The review should focus on why sentence fragments are fragments, which is for one of three common reasons:
- It’s missing a subject, and it only has a predicate
- It’s missing a predicate, and it only has a subject
- It’s a dependent clause that needs an independent clause
Write or project several examples of sentence fragments and complete sentences, and have students discuss what makes them a complete sentence or a sentence fragment.
Having students understand that the sentence fragments needs a subject, a predicate, or an independent clause to make it complete is very important as it helps them attain mastery. This also helps provide a foundation for writing.
Provide Independent Practice Opportunities
After the review, the next step of how to teach sentence fragments involves students working independently.
Whether it’s a worksheet that has students identifying and correcting sentence fragments or an assignment that assess their understanding, providing multiple practice opportunities helps them attain mastery and deepen understanding of sentence fragments.
One thing I like to do is take sentences from any text we’re reading and either change them into a sentence fragment or maintain its complete sentence form.

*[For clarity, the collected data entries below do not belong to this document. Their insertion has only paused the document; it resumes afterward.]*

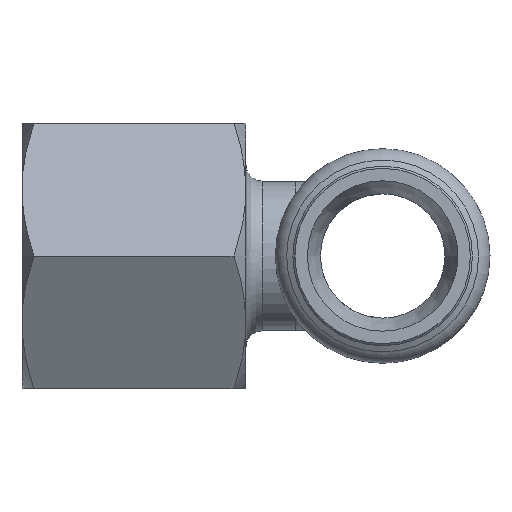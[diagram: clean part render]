
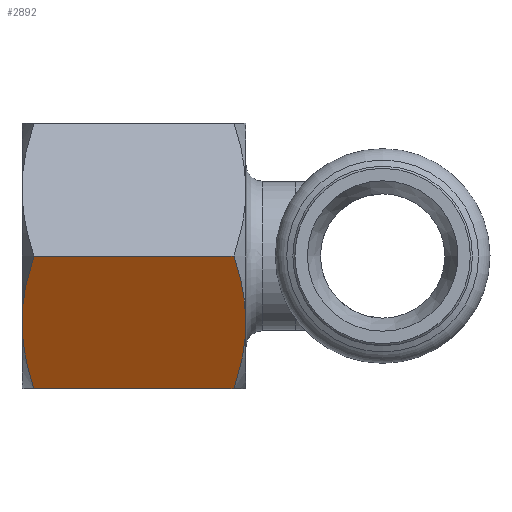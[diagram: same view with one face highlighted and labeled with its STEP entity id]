
A CAD part, left-side view. The second image highlights one B-rep face of the part: STEP entity #2892.
In plain terms, the highlighted planar face has unit normal (-0.866, 0, -0.5) as drawn and (0.866, 0.5, 0) by its records, which use the part's own axes.
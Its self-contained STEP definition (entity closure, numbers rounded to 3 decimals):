
#2025=CARTESIAN_POINT('',(18.475,0.,-31.571));
#2026=VERTEX_POINT('',#2025);
#2027=CARTESIAN_POINT('',(13.856,8.,-33.0));
#2028=VERTEX_POINT('',#2027);
#2029=CARTESIAN_POINT('',(18.475,0.,-31.571));
#2030=CARTESIAN_POINT('',(16.,4.287,-33.));
#2031=CARTESIAN_POINT('',(13.856,8.,-33.0));
#2039=(BOUNDED_CURVE()B_SPLINE_CURVE(2,(#2029,#2030,#2031),.UNSPECIFIED.,.F.,.U.)B_SPLINE_CURVE_WITH_KNOTS((3,3),(0.131,1.087),.UNSPECIFIED.)CURVE()GEOMETRIC_REPRESENTATION_ITEM()RATIONAL_B_SPLINE_CURVE((1.01,1.043,1.0))REPRESENTATION_ITEM(''));
#2040=EDGE_CURVE('',#2026,#2028,#2039,.T.);
#2070=CARTESIAN_POINT('',(9.238,16.,-31.571));
#2071=VERTEX_POINT('',#2070);
#2087=CARTESIAN_POINT('',(13.856,8.,-33.0));
#2088=CARTESIAN_POINT('',(11.713,11.713,-33.0));
#2089=CARTESIAN_POINT('',(9.238,16.,-31.571));
#2097=(BOUNDED_CURVE()B_SPLINE_CURVE(2,(#2087,#2088,#2089),.UNSPECIFIED.,.F.,.U.)B_SPLINE_CURVE_WITH_KNOTS((3,3),(1.087,2.043),.UNSPECIFIED.)CURVE()GEOMETRIC_REPRESENTATION_ITEM()RATIONAL_B_SPLINE_CURVE((1.0,1.043,1.01))REPRESENTATION_ITEM(''));
#2098=EDGE_CURVE('',#2028,#2071,#2097,.T.);
#2340=CARTESIAN_POINT('',(9.238,16.,-7.429));
#2341=VERTEX_POINT('',#2340);
#2342=CARTESIAN_POINT('',(13.856,8.,-6.));
#2343=VERTEX_POINT('',#2342);
#2344=CARTESIAN_POINT('',(9.238,16.,-7.429));
#2345=CARTESIAN_POINT('',(11.713,11.713,-6.0));
#2346=CARTESIAN_POINT('',(13.856,8.,-6.));
#2354=(BOUNDED_CURVE()B_SPLINE_CURVE(2,(#2344,#2345,#2346),.UNSPECIFIED.,.F.,.U.)B_SPLINE_CURVE_WITH_KNOTS((3,3),(0.172,1.134),.UNSPECIFIED.)CURVE()GEOMETRIC_REPRESENTATION_ITEM()RATIONAL_B_SPLINE_CURVE((1.014,1.045,1.0))REPRESENTATION_ITEM(''));
#2355=EDGE_CURVE('',#2341,#2343,#2354,.T.);
#2385=CARTESIAN_POINT('',(18.475,0.,-7.429));
#2386=VERTEX_POINT('',#2385);
#2387=CARTESIAN_POINT('',(13.856,8.,-6.));
#2388=CARTESIAN_POINT('',(16.,4.287,-6.0));
#2389=CARTESIAN_POINT('',(18.475,0.,-7.429));
#2397=(BOUNDED_CURVE()B_SPLINE_CURVE(2,(#2387,#2388,#2389),.UNSPECIFIED.,.F.,.U.)B_SPLINE_CURVE_WITH_KNOTS((3,3),(1.134,2.096),.UNSPECIFIED.)CURVE()GEOMETRIC_REPRESENTATION_ITEM()RATIONAL_B_SPLINE_CURVE((1.0,1.045,1.014))REPRESENTATION_ITEM(''));
#2398=EDGE_CURVE('',#2343,#2386,#2397,.T.);
#2528=CARTESIAN_POINT('',(9.238,16.,-7.429));
#2529=DIRECTION('',(0.0,0.0,-1.0));
#2530=VECTOR('',#2529,24.142);
#2531=LINE('',#2528,#2530);
#2532=EDGE_CURVE('',#2341,#2071,#2531,.T.);
#2874=CARTESIAN_POINT('',(18.475,0.,0.0));
#2875=DIRECTION('',(0.866,0.5,0.0));
#2876=DIRECTION('',(0.0,0.0,-1.0));
#2877=AXIS2_PLACEMENT_3D('',#2874,#2875,#2876);
#2878=PLANE('',#2877);
#2879=ORIENTED_EDGE('',*,*,#2098,.T.);
#2880=ORIENTED_EDGE('',*,*,#2532,.F.);
#2881=ORIENTED_EDGE('',*,*,#2355,.T.);
#2882=ORIENTED_EDGE('',*,*,#2398,.T.);
#2883=CARTESIAN_POINT('',(18.475,0.,-7.429));
#2884=DIRECTION('',(0.0,0.0,-1.0));
#2885=VECTOR('',#2884,24.142);
#2886=LINE('',#2883,#2885);
#2887=EDGE_CURVE('',#2386,#2026,#2886,.T.);
#2888=ORIENTED_EDGE('',*,*,#2887,.T.);
#2889=ORIENTED_EDGE('',*,*,#2040,.T.);
#2890=EDGE_LOOP('',(#2879,#2880,#2881,#2882,#2888,#2889));
#2891=FACE_OUTER_BOUND('',#2890,.T.);
#2892=ADVANCED_FACE('',(#2891),#2878,.T.);
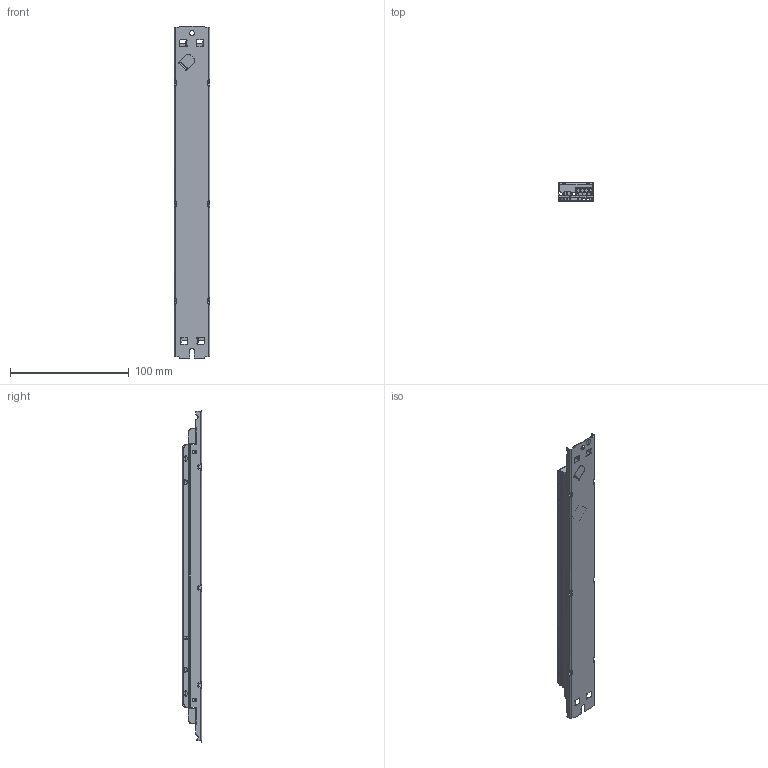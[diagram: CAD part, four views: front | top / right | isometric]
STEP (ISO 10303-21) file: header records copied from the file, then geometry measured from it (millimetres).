
FILE_DESCRIPTION((''),'2;1');
FILE_NAME('15014648Z_DATAMEC_280X30X16-3','2021-08-04T17:12:13',('elon.guo'),(''),'CREO PARAMETRIC BY PTC INC, 2019164','CREO PARAMETRIC BY PTC INC, 2019164','');
FILE_SCHEMA(('CONFIG_CONTROL_DESIGN'));
Products named in the file (1): 15014648Z_DATAMEC_280X30X16-3
Bounding box: 30 x 16.3 x 280 mm (x, y, z)
Volume: 19388.3 mm3; surface area: 65495 mm2
Topology: 4 solids, 33 shells, 1494 faces, 3843 edges, 2372 vertices
Faces by surface type: plane 682, cylinder 528, bspline 236, cone 32, torus 8, sphere 8
Entity records: 55809 total; most frequent: CARTESIAN_POINT 21260, ORIENTED_EDGE 7550, DIRECTION 6569, EDGE_CURVE 3827, VERTEX_POINT 2372, AXIS2_PLACEMENT_3D 2213, VECTOR 2143, LINE 2143
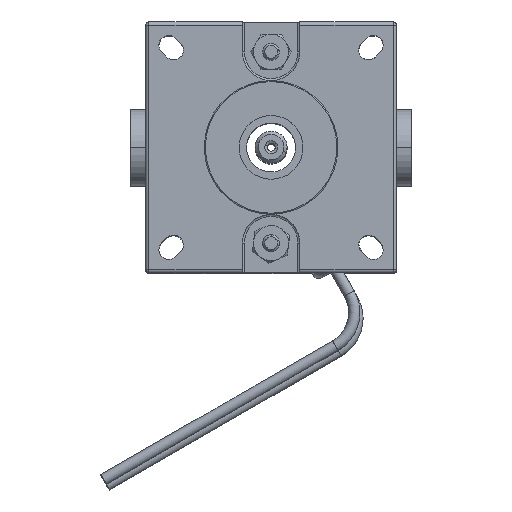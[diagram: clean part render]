
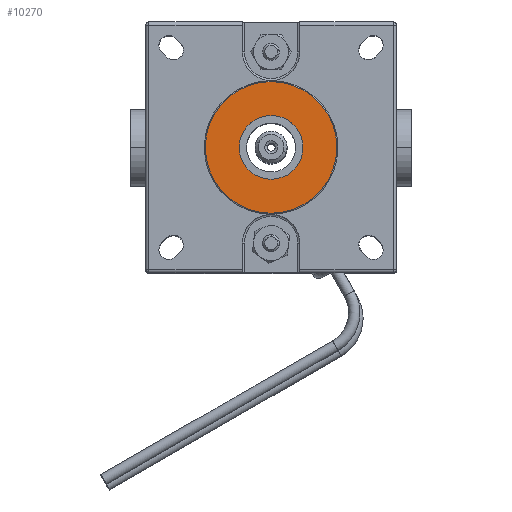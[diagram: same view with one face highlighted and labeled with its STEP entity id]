
A CAD part, top view. The second image highlights one B-rep face of the part: STEP entity #10270.
In plain terms, the highlighted planar face has unit normal (0, 0, 1).
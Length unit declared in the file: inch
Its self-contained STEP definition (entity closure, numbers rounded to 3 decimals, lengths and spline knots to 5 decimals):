
#9499 = CARTESIAN_POINT ( 'NONE',  ( 0.645, 0., 4.1895 ) ) ;
#9500 = CARTESIAN_POINT ( 'NONE',  ( -0.645, 0., 4.1895 ) ) ;
#9501 = DIRECTION ( 'NONE',  ( 1., 0., 0. ) ) ;
#9502 = DIRECTION ( 'NONE',  ( 0., 0., 1. ) ) ;
#9503 = CARTESIAN_POINT ( 'NONE',  ( 0., 0., 4.1895 ) ) ;
#9504 = AXIS2_PLACEMENT_3D ( 'NONE', #9503, #9502, #9501 ) ;
#9509 = CIRCLE ( 'NONE', #9504, 0.645 ) ;
#9536 = CARTESIAN_POINT ( 'NONE',  ( -0.3125, 0., 4.1895 ) ) ;
#9545 = AXIS2_PLACEMENT_3D ( 'NONE', #9608, #9607, #9606 ) ;
#9546 = CIRCLE ( 'NONE', #9545, 0.3125 ) ;
#9549 = DIRECTION ( 'NONE',  ( 1., 0., 0. ) ) ;
#9550 = DIRECTION ( 'NONE',  ( 0., 0., 1. ) ) ;
#9551 = CARTESIAN_POINT ( 'NONE',  ( 0., 0., 4.1895 ) ) ;
#9552 = AXIS2_PLACEMENT_3D ( 'NONE', #9551, #9550, #9549 ) ;
#9553 = PLANE ( 'NONE',  #9552 ) ;
#9554 = FACE_OUTER_BOUND ( 'NONE', #10343, .T. ) ;
#9555 = FACE_BOUND ( 'NONE', #10272, .T. ) ;
#9556 = DIRECTION ( 'NONE',  ( 1., 0., 0. ) ) ;
#9557 = DIRECTION ( 'NONE',  ( 0., 0., 1. ) ) ;
#9558 = CARTESIAN_POINT ( 'NONE',  ( 0., 0., 4.1895 ) ) ;
#9559 = AXIS2_PLACEMENT_3D ( 'NONE', #9558, #9557, #9556 ) ;
#9560 = CIRCLE ( 'NONE', #9559, 0.645 ) ;
#9579 = CARTESIAN_POINT ( 'NONE',  ( 0.3125, 0., 4.1895 ) ) ;
#9606 = DIRECTION ( 'NONE',  ( 1., 0., 0. ) ) ;
#9607 = DIRECTION ( 'NONE',  ( 0., 0., 1. ) ) ;
#9608 = CARTESIAN_POINT ( 'NONE',  ( 0., 0., 4.1895 ) ) ;
#9634 = DIRECTION ( 'NONE',  ( 1., 0., 0. ) ) ;
#9635 = DIRECTION ( 'NONE',  ( 0., 0., 1. ) ) ;
#9636 = CARTESIAN_POINT ( 'NONE',  ( 0., 0., 4.1895 ) ) ;
#9637 = AXIS2_PLACEMENT_3D ( 'NONE', #9636, #9635, #9634 ) ;
#9638 = CIRCLE ( 'NONE', #9637, 0.3125 ) ;
#10230 = EDGE_CURVE ( 'NONE', #10233, #10232, #9509, .T. ) ;
#10232 = VERTEX_POINT ( 'NONE', #9500 ) ;
#10233 = VERTEX_POINT ( 'NONE', #9499 ) ;
#10245 = VERTEX_POINT ( 'NONE', #9536 ) ;
#10267 = ORIENTED_EDGE ( 'NONE', *, *, #10268, .T. ) ;
#10268 = EDGE_CURVE ( 'NONE', #10232, #10233, #9560, .T. ) ;
#10269 = ORIENTED_EDGE ( 'NONE', *, *, #10275, .F. ) ;
#10270 = ADVANCED_FACE ( 'NONE', ( #9555, #9554 ), #9553, .T. ) ;
#10272 = EDGE_LOOP ( 'NONE', ( #10269, #10344 ) ) ;
#10275 = EDGE_CURVE ( 'NONE', #10291, #10245, #9546, .T. ) ;
#10291 = VERTEX_POINT ( 'NONE', #9579 ) ;
#10295 = EDGE_CURVE ( 'NONE', #10245, #10291, #9638, .T. ) ;
#10343 = EDGE_LOOP ( 'NONE', ( #10345, #10267 ) ) ;
#10344 = ORIENTED_EDGE ( 'NONE', *, *, #10295, .F. ) ;
#10345 = ORIENTED_EDGE ( 'NONE', *, *, #10230, .T. ) ;

Then, as a warm-up activity or exit ticket, I have students fix the sentence fragments or make the complete sentences into sentence fragments.
Quizzes and tests, too, are another important method of assessing student knowledge of sentence fragments. In addition to providing multiple-choice questions, include questions where students have to explain why, for example, the sentence fragment is a fragment, or feature questions where students have to turn a complete sentence into a sentence fragment.
This unique assessment approach ensures that students are adequately demonstrating their understanding and mastery of sentence fragments in various ways.
Engage Students with Creative Activities
Creative activities are a great supplement to traditional assignments and assessments when wondering how to teach sentence fragments. Two activities my students enjoy doing are Sentence Fragment Sort and Sentence Fragment Detective.
Sentence Fragment Sort
In Sentence Fragment Sort, students in groups of 2–3 must work together to sort cards into two piles: complete sentences and sentence fragments.
Using note cards, I create six different sets of sentence fragments and complete sentences. This helps with variety and ensuring that no group gets the same types of sentences (which also reduces the likelihood of cheating).
Groups are given about 5–10 minutes (depending on the class’s needs) to sort the sentences into the correct pile; once time has elapsed, each group shares their piles and explains how they were able to distinguish between sentence fragments and complete sentences.
Fragment Detective
Similar to Sentence Fragment Sort, Fragment Detective has students working in groups of 2–3 and reading a paragraph that contains both complete sentences and sentence fragments.
In preparing this activity, I create six different paragraphs on random topics. The reason for this is the same as why I create six different sets of fragments and complete sentences for Sentence Fragment Sort: to ensure variety and to reduce the likelihood of cheating.
On a giant easel pad paper (or something similar), students create a T-chart and use two different colors to label one side Sentence Fragments and the other Complete Sentences. Next, they are given 10 minutes (again, depending on class need) to read their given paragraph carefully and identify the fragments and sentences to write them on their giant T-chart.
Afterward, students present the results of their detective work and share how they would fix some of the fragments to make them complete sentences.
Both Sentence Fragment Sort and Fragment Detective are great activities because it makes students more active in their learning; plus, it gamifies the learning experience.
Conclusion
Knowing how to teach sentence fragments might seem tricky, but with enough practice and repetition, students will not only know and understand how sentence fragments work, but they’ll also be less likely to make the same errors in their own writing.
How do you teach sentence fragments?